§ Task prompt
All lines from the line containing "Topology: 296 solids, 296" up to and including the last line of the entries must be written out exactly, with no others.

Entries taken from a collection
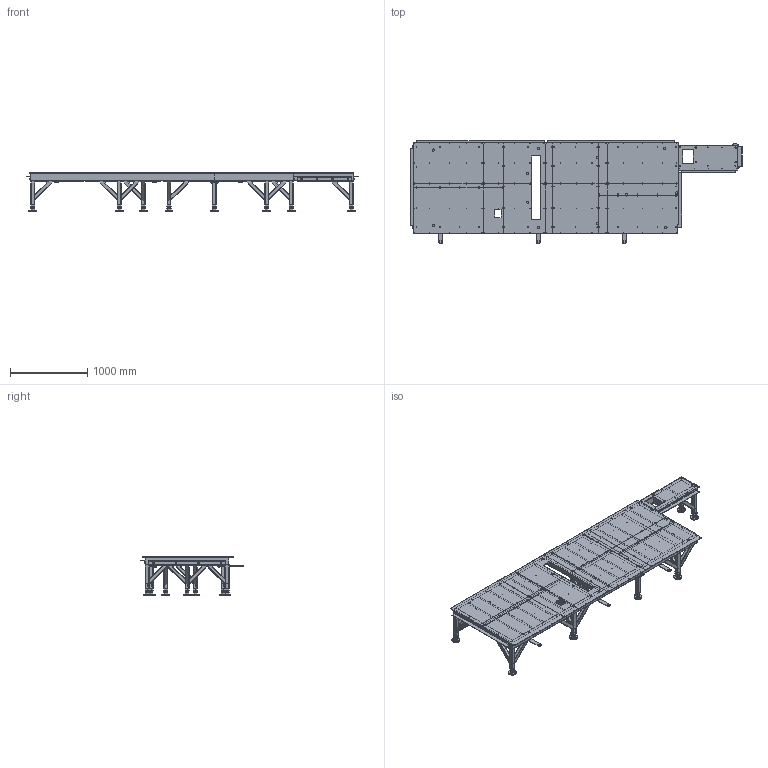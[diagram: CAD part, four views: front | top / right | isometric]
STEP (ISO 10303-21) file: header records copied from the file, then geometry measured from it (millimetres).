
FILE_DESCRIPTION (( 'STEP AP214' ), '1' );
FILE_NAME ('FAU-QUIX20-01.STEP', '2025-08-29T18:04:49', ( '' ), ( '' ), 'SwSTEP 2.0', 'SolidWorks 2017', '' );
FILE_SCHEMA (( 'AUTOMOTIVE_DESIGN' ));
Length unit declared in the file: millimetre
Products named in the file (35): z_Washer_WASHER M 8; Z-tube-pied_c12; FAU-QUIX20-09_700; Z-pied-angle_1+; Z-CHASSIS-QUIX20-1_D‚faut[Brut d''usinage]; FAU-QUIX20-05; FAU-GRD6&7-05; Z-screw_din_933-m30x120; FAU-QUIX20-09_1050; FAU-QUIX20-01; FAU-QUIX20-04_ens-cent12; Z-CHASSIS-QUIX20-2_2[Brut d''usinage]; Z-M12 ASSY_m8-84; Z-platine150-100_trous-lisses; Z-platine50-50-5_c12-fix; z_NUT_H_NUT  H M 8; FAU-QUIX20-09_250; Z-Screw_H _SCREW H M10x30-26; Z-M12 ASSY_108; FAU-QUIX20-09_1650; z_NUT_H_NUT H M 12; FAU-QUIX20-08; FAU-QUIX20-05_inox; FAU-QUIX20-07_pied seul; Z-pied tube_c12-fix; Z-Tige filetée - M12_vis; z_Washer_WASHER M 12; Z-pied-angle; Z-pied-angle_triple; Z-Tige filetée - M12_M12x150; Z-Washer _WASHER M 10; Z-M10 assy; Z-ecrou_hm_‚crou Hm M30
Assembly tree (89 placements, depth 5):
  FAU-QUIX20-01
    Z-pied-angle_triple  x6
      Z-tube-pied_c12
      Z-pied tube_c12-fix
        Z-platine50-50-5_c12-fix
        FAU-QUIX20-07_pied seul
          FAU-GRD6&7-05
          Z-ecrou_hm_‚crou Hm M30
          Z-screw_din_933-m30x120
    Z-pied-angle  x3
      Z-tube-pied_c12
      Z-pied tube_c12-fix
        Z-platine50-50-5_c12-fix
        FAU-QUIX20-07_pied seul
          FAU-GRD6&7-05
          Z-ecrou_hm_‚crou Hm M30
          Z-screw_din_933-m30x120
    Z-CHASSIS-QUIX20-1_D‚faut[Brut d''usinage]
    Z-CHASSIS-QUIX20-2_2[Brut d''usinage]
    Z-pied-angle_1+  x2
      Z-tube-pied_c12
      Z-pied tube_c12-fix
        Z-platine50-50-5_c12-fix
        FAU-QUIX20-07_pied seul
          FAU-GRD6&7-05
          Z-ecrou_hm_‚crou Hm M30
          Z-screw_din_933-m30x120
    FAU-QUIX20-04_ens-cent12  x2
      Z-pied tube_c12-fix
        Z-platine50-50-5_c12-fix
        FAU-QUIX20-07_pied seul
          FAU-GRD6&7-05
          Z-ecrou_hm_‚crou Hm M30
          Z-screw_din_933-m30x120
      Z-platine150-100_trous-lisses
    FAU-QUIX20-05
    FAU-QUIX20-05_inox
    FAU-QUIX20-09_1050
    FAU-QUIX20-09_700  x2
    Z-M12 ASSY_m8-84  x24
      Z-Tige filetée - M12_vis
      z_Washer_WASHER M 8
      z_NUT_H_NUT  H M 8
    FAU-QUIX20-09_250
    FAU-QUIX20-09_1650  x2
    FAU-QUIX20-08  x3
    Z-M10 assy  x8
      Z-Screw_H _SCREW H M10x30-26
      Z-Washer _WASHER M 10
    Z-M12 ASSY_108  x2
      Z-Tige filetée - M12_M12x150
      z_Washer_WASHER M 12
      z_NUT_H_NUT H M 12
Bounding box: 4285 x 1325 x 500 mm (x, y, z)
Volume: 63674090.7 mm3; surface area: 37932838.7 mm2
Topology: 296 solids, 296 shells, 5083 faces, 12325 edges, 7921 vertices
Faces by surface type: plane 2195, cylinder 1940, cone 922, bspline 26
Entity records: 76446 total; most frequent: CARTESIAN_POINT 12806, DIRECTION 12008, ORIENTED_EDGE 11134, EDGE_CURVE 5567, AXIS2_PLACEMENT_3D 4469, VERTEX_POINT 3649, VECTOR 3070, LINE 3070

§ Completed task
Topology: 296 solids, 296 shells, 5083 faces, 12325 edges, 7921 vertices
Faces by surface type: plane 2195, cylinder 1940, cone 922, bspline 26
Entity records: 76446 total; most frequent: CARTESIAN_POINT 12806, DIRECTION 12008, ORIENTED_EDGE 11134, EDGE_CURVE 5567, AXIS2_PLACEMENT_3D 4469, VERTEX_POINT 3649, VECTOR 3070, LINE 3070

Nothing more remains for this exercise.